== EXERCISE DATA ==
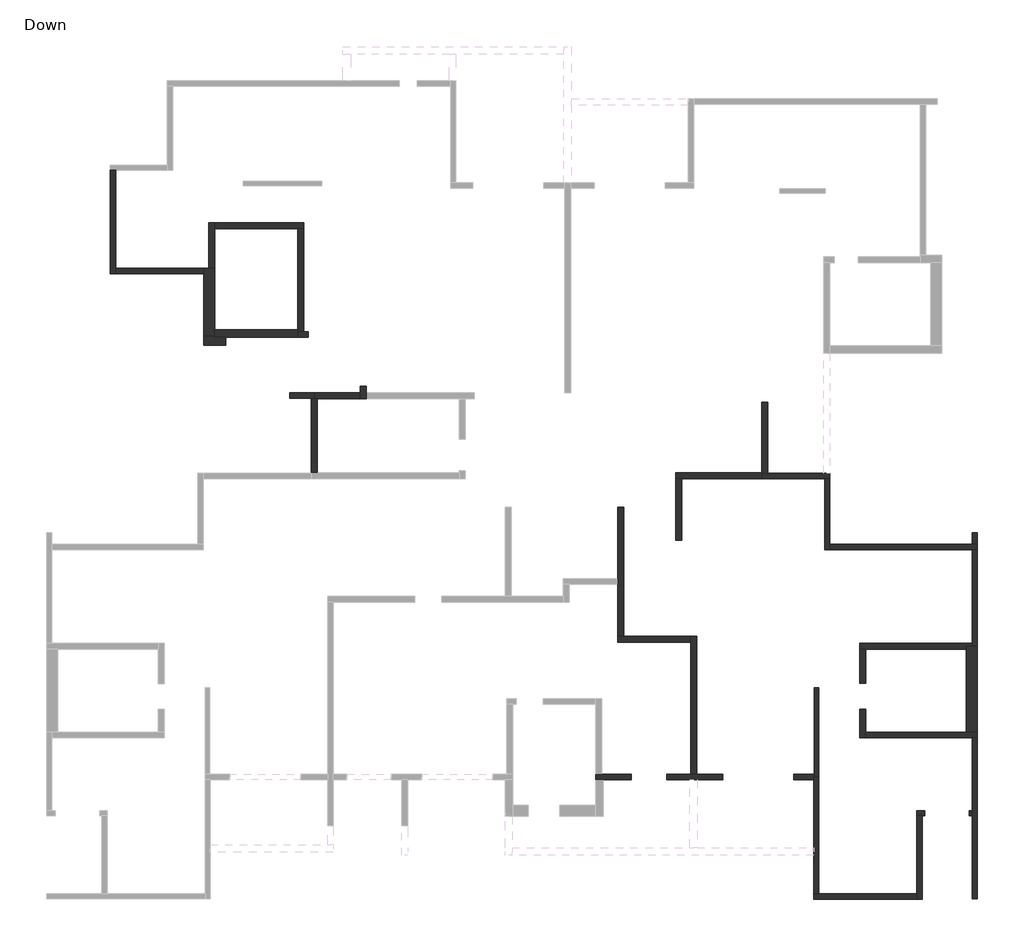
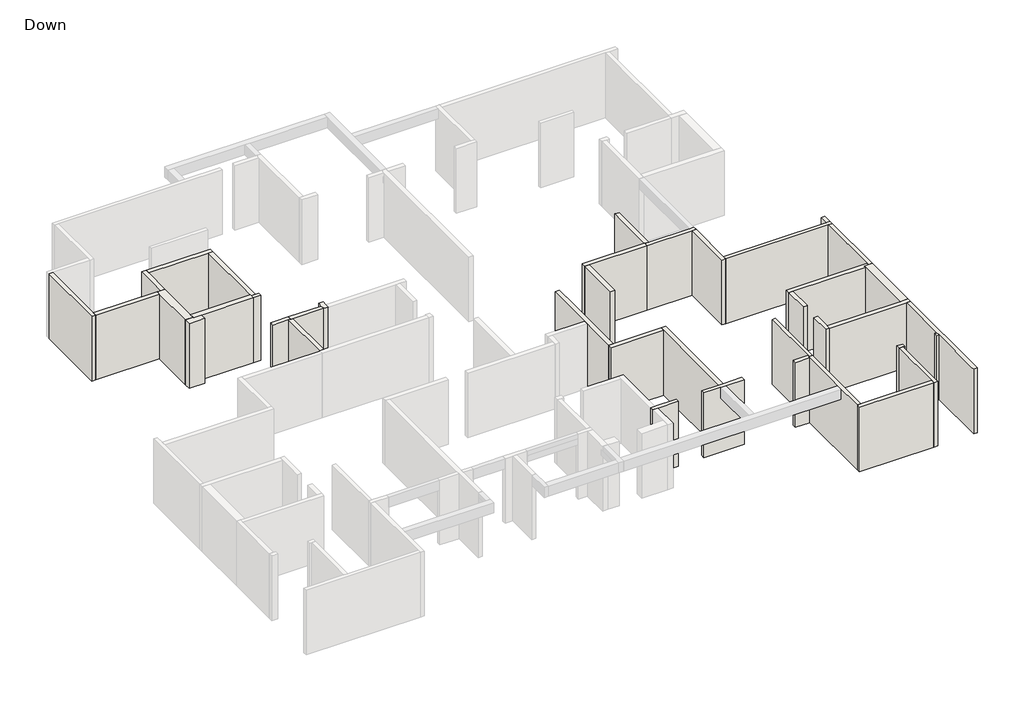
# One storey, part 2 of 3: 39 walls.
"""IFC4 building model written with IfcOpenShell, lengths in millimetres."""

from ifc_helpers import new_model, si_unit, origin, origin_with_axes, place, context, project, spatial, polyline, outline, extrude, faceted_brep, element, save

model = new_model("IFC4")

# Units and contexts
model_context = context("Model", 3, world=origin())
ifc_project = project(units=[si_unit("LENGTHUNIT", "METRE", prefix="MILLI")], contexts=[model_context])

# Site, building, storey
site = spatial("IfcSite", under=ifc_project)
building = spatial("IfcBuilding", under=site)
storey = spatial("IfcBuildingStorey", under=building, Name="Down", Elevation=0.0)

# Walls
placement = place(None, origin())
element("IfcWall", 1, ObjectType="15", at=placement, inside=storey, context=model_context, shape_type="Brep", body=[
    faceted_brep([(7365.3434642, -11434.051338, 0.0), (7365.3434642, -8419.051338, 0.0), (7365.3434642, -8419.051338, 3000.0), (7365.3434642, -8419.051338, 3200.0), (7365.3434642, -11434.051338, 3200.0), (7215.3434642, -11434.051338, 0.0), (7215.3434642, -11434.051338, 3200.0), (7215.3434642, -11344.051338, 3200.0), (7215.3434642, -8419.051338, 3200.0), (7215.3434642, -8419.051338, 3000.0), (7215.3434642, -8419.051338, 0.0), (7215.3434642, -11344.051338, 0.0)], [[[0, 1, 2, 3, 4]], [[5, 6, 7, 8, 9, 10, 11]], [[1, 0, 5, 11, 10]], [[3, 2, 1, 10, 9, 8]], [[4, 3, 8, 7, 6]], [[0, 4, 6, 5]]]),
])
element("IfcWall", 2, ObjectType="18", at=placement, inside=storey, context=model_context, shape_type="Brep", body=[
    faceted_brep([(-16547.4366188, 9037.0772927, 0.0), (-16547.4366188, 5556.9611102, 0.0), (-16547.4366188, 5556.9611102, 3200.0), (-16547.4366188, 9037.0772927, 3200.0), (-16367.4366188, 9037.0772927, 0.0), (-16367.4366188, 9037.0772927, 3000.0), (-16367.4366188, 9037.0772927, 3200.0), (-16367.4366188, 5736.9611102, 3200.0), (-16367.4366188, 5556.9611102, 3200.0), (-16367.4366188, 5556.9611102, 0.0), (-16367.4366188, 5736.9611102, 0.0)], [[[0, 1, 2, 3]], [[4, 5, 6, 7, 8, 9, 10]], [[1, 0, 4, 10, 9]], [[3, 2, 8, 7, 6]], [[0, 3, 6, 5, 4]], [[2, 1, 9, 8]]]),
])
element("IfcWall", 3, ObjectType="18", at=placement, inside=storey, context=model_context, shape_type="Brep", body=[
    faceted_brep([(-16367.4366188, 5556.9611102, 0.0), (-13386.7312246, 5556.9611102, 0.0), (-13386.7312246, 5556.9611102, 3200.0), (-16367.4366188, 5556.9611102, 3200.0), (-16367.4366188, 5736.9611102, 0.0), (-16367.4366188, 5736.9611102, 3000.0), (-16367.4366188, 5736.9611102, 3200.0), (-13386.7312246, 5736.9611102, 3200.0), (-13386.7312246, 5736.9611102, 0.0)], [[[0, 1, 2, 3]], [[4, 5, 6, 7, 8]], [[1, 0, 4, 8]], [[3, 2, 7, 6]], [[0, 3, 6, 5, 4]], [[2, 1, 8, 7]]]),
])
element("IfcWall", 4, ObjectType="18", at=placement, inside=storey, context=model_context, shape_type="Brep", body=[
    faceted_brep([(-10217.2125524, 3416.4548861, 0.0), (-9872.2125524, 3416.4548861, 0.0), (-9872.2125524, 3416.4548861, 3000.0), (-9872.2125524, 3416.4548861, 3200.0), (-10217.2125524, 3416.4548861, 3200.0), (-10217.2125524, 3596.4548861, 0.0), (-10217.2125524, 3596.4548861, 3200.0), (-10017.2125524, 3596.4548861, 3200.0), (-9872.2125524, 3596.4548861, 3200.0), (-9872.2125524, 3596.4548861, 3000.0), (-9872.2125524, 3596.4548861, 0.0), (-10017.2125524, 3596.4548861, 0.0)], [[[0, 1, 2, 3, 4]], [[5, 6, 7, 8, 9, 10, 11]], [[1, 0, 5, 11, 10]], [[3, 2, 1, 10, 9, 8]], [[4, 3, 8, 7, 6]], [[0, 4, 6, 5]]]),
])
element("IfcWall", 5, ObjectType="18", at=placement, inside=storey, context=model_context, shape_type="Brep", body=[
    faceted_brep([(7735.384958, -1184.051338, 0.0), (5633.824792, -1184.051338, 0.0), (5433.824792, -1184.051338, 0.0), (5433.824792, -1184.051338, 3200.0), (5633.824792, -1184.051338, 3200.0), (7535.1359953, -1184.051338, 3200.0), (7735.384958, -1184.051338, 3200.0), (7735.384958, -1364.051338, 0.0), (7735.384958, -1364.051338, 3200.0), (7555.384958, -1364.051338, 3200.0), (5433.824792, -1364.051338, 3200.0), (5433.824792, -1364.051338, 0.0), (7555.384958, -1364.051338, 0.0)], [[[0, 1, 2, 3, 4, 5, 6]], [[7, 8, 9, 10, 11, 12]], [[2, 1, 0, 7, 12, 11]], [[6, 5, 4, 3, 10, 9, 8]], [[3, 2, 11, 10]], [[0, 6, 8, 7]]]),
])
element("IfcWall", 6, ObjectType="18", at=placement, inside=storey, context=model_context, shape_type="Brep", body=[
    faceted_brep([(7555.384958, -1364.051338, 0.0), (7555.384958, -3764.1011305, 0.0), (7555.384958, -3764.1011305, 3000.0), (7555.384958, -3764.1011305, 3200.0), (7555.384958, -1364.051338, 3200.0), (7555.384958, -1364.051338, 3000.0), (7735.384958, -1364.051338, 0.0), (7735.384958, -1364.051338, 3200.0), (7735.384958, -3584.1011305, 3200.0), (7735.384958, -3764.1011305, 3200.0), (7735.384958, -3764.1011305, 0.0), (7735.384958, -3584.1011305, 0.0)], [[[0, 1, 2, 3, 4, 5]], [[6, 7, 8, 9, 10, 11]], [[1, 0, 6, 11, 10]], [[4, 3, 9, 8, 7]], [[3, 2, 1, 10, 9]], [[0, 5, 4, 7, 6]]]),
])
element("IfcWall", 7, ObjectType="18", at=placement, inside=storey, context=model_context, shape_type="Brep", body=[
    faceted_brep([(7735.384958, -3764.1011305, 0.0), (12534.2065347, -3764.1011305, 0.0), (12714.2065347, -3764.1011305, 0.0), (12714.2065347, -3764.1011305, 3200.0), (12534.2065347, -3764.1011305, 3200.0), (7735.384958, -3764.1011305, 3200.0), (7735.384958, -3584.1011305, 0.0), (7735.384958, -3584.1011305, 3200.0), (12534.2065347, -3584.1011305, 3200.0), (12714.2065347, -3584.1011305, 3200.0), (12714.2065347, -3584.1011305, 0.0), (12534.2065347, -3584.1011305, 0.0)], [[[0, 1, 2, 3, 4, 5]], [[6, 7, 8, 9, 10, 11]], [[2, 1, 0, 6, 11, 10]], [[5, 4, 3, 9, 8, 7]], [[0, 5, 7, 6]], [[3, 2, 10, 9]]]),
])
element("IfcWall", 8, ObjectType="18", at=placement, inside=storey, context=model_context, shape_type="SweptSolid", body=[
    extrude(outline(polyline([(12714.2065347, -3184.4330807), (12714.2065347, -3584.1011305), (12534.2065347, -3584.1011305), (12534.2065347, -3184.4330807), (12714.2065347, -3184.4330807)])), origin_with_axes(), (0.0, 0.0, 1.0), 3200.0),
])
element("IfcWall", 9, ObjectType="18", at=placement, inside=storey, context=model_context, shape_type="Brep", body=[
    faceted_brep([(12534.2065347, -3764.1011305, 0.0), (12534.2065347, -6913.2795537, 0.0), (12534.2065347, -7013.2795537, 0.0), (12534.2065347, -7013.2795537, 3200.0), (12534.2065347, -6913.2795537, 3200.0), (12534.2065347, -3764.1011305, 3200.0), (12534.2065347, -3764.1011305, 3000.0), (12714.2065347, -3764.1011305, 0.0), (12714.2065347, -3764.1011305, 3200.0), (12714.2065347, -7013.2795537, 3200.0), (12714.2065347, -7013.2795537, 0.0)], [[[0, 1, 2, 3, 4, 5, 6]], [[7, 8, 9, 10]], [[2, 1, 0, 7, 10]], [[3, 2, 10, 9]], [[5, 4, 3, 9, 8]], [[0, 6, 5, 8, 7]]]),
])
element("IfcWall", 10, ObjectType="18", at=placement, inside=storey, context=model_context, shape_type="Brep", body=[
    faceted_brep([(12534.2065347, -10113.0471886, 0.0), (12534.2065347, -12564.5160683, 0.0), (12534.2065347, -12744.5160683, 0.0), (12534.2065347, -15545.0637861, 0.0), (12534.2065347, -15545.0637861, 3200.0), (12534.2065347, -15369.5160683, 3200.0), (12534.2065347, -12744.5160683, 3200.0), (12534.2065347, -12564.5160683, 3200.0), (12534.2065347, -10113.0471886, 3200.0), (12534.2065347, -10113.0471886, 3000.0), (12714.2065347, -10113.0471886, 0.0), (12714.2065347, -10113.0471886, 3200.0), (12714.2065347, -15545.0637861, 3200.0), (12714.2065347, -15545.0637861, 0.0)], [[[0, 1, 2, 3, 4, 5, 6, 7, 8, 9]], [[10, 11, 12, 13]], [[3, 2, 1, 0, 10, 13]], [[4, 3, 13, 12]], [[8, 7, 6, 5, 4, 12, 11]], [[0, 9, 8, 11, 10]]]),
])
element("IfcWall", 11, ObjectType="18", at=placement, inside=storey, context=model_context, shape_type="Brep", body=[
    faceted_brep([(12534.2065347, -12564.5160683, 0.0), (12429.6422194, -12564.5160683, 0.0), (12429.6422194, -12564.5160683, 3000.0), (12429.6422194, -12564.5160683, 3200.0), (12534.2065347, -12564.5160683, 3200.0), (12534.2065347, -12564.5160683, 3000.0), (12534.2065347, -12744.5160683, 0.0), (12534.2065347, -12744.5160683, 2980.0), (12534.2065347, -12744.5160683, 3200.0), (12429.6422194, -12744.5160683, 3200.0), (12429.6422194, -12744.5160683, 3000.0), (12429.6422194, -12744.5160683, 0.0)], [[[0, 1, 2, 3, 4, 5]], [[6, 7, 8, 9, 10, 11]], [[1, 0, 6, 11]], [[3, 2, 1, 11, 10, 9]], [[4, 3, 9, 8]], [[0, 5, 4, 8, 7, 6]]]),
])
element("IfcWall", 12, ObjectType="18", at=placement, inside=storey, context=model_context, shape_type="Brep", body=[
    faceted_brep([(10930.9368252, -12564.5160683, 0.0), (10665.3434642, -12564.5160683, 0.0), (10665.3434642, -12564.5160683, 3000.0), (10665.3434642, -12564.5160683, 3200.0), (10930.9368252, -12564.5160683, 3200.0), (10930.9368252, -12564.5160683, 3000.0), (10930.9368252, -12744.5160683, 0.0), (10930.9368252, -12744.5160683, 3000.0), (10930.9368252, -12744.5160683, 3200.0), (10845.3434642, -12744.5160683, 3200.0), (10665.3434642, -12744.5160683, 3200.0), (10665.3434642, -12744.5160683, 0.0), (10845.3434642, -12744.5160683, 0.0)], [[[0, 1, 2, 3, 4, 5]], [[6, 7, 8, 9, 10, 11, 12]], [[1, 0, 6, 12, 11]], [[4, 3, 10, 9, 8]], [[0, 5, 4, 8, 7, 6]], [[3, 2, 1, 11, 10]]]),
])
element("IfcWall", 13, ObjectType="18", at=placement, inside=storey, context=model_context, shape_type="Brep", body=[
    faceted_brep([(10665.3434642, -12744.5160683, 0.0), (10665.3434642, -15369.5160683, 0.0), (10665.3434642, -15549.5160683, 0.0), (10665.3434642, -15549.5160683, 3200.0), (10665.3434642, -15369.5160683, 3200.0), (10665.3434642, -12744.5160683, 3200.0), (10845.3434642, -12744.5160683, 0.0), (10845.3434642, -12744.5160683, 2980.0), (10845.3434642, -12744.5160683, 3200.0), (10845.3434642, -15369.5160683, 3200.0), (10845.3434642, -15549.5160683, 3200.0), (10845.3434642, -15549.5160683, 0.0)], [[[0, 1, 2, 3, 4, 5]], [[6, 7, 8, 9, 10, 11]], [[2, 1, 0, 6, 11]], [[5, 4, 3, 10, 9, 8]], [[0, 5, 8, 7, 6]], [[3, 2, 11, 10]]]),
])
===
* _WHAT IS REQUIRED_:
Where the string "spatial" occurs in the data, return the whole line.

* _RESULT OF THE TASK_:
from ifc_helpers import new_model, si_unit, origin, origin_with_axes, place, context, project, spatial, polyline, outline, extrude, faceted_brep, element, save
site = spatial("IfcSite", under=ifc_project)
building = spatial("IfcBuilding", under=site)
storey = spatial("IfcBuildingStorey", under=building, Name="Down", Elevation=0.0)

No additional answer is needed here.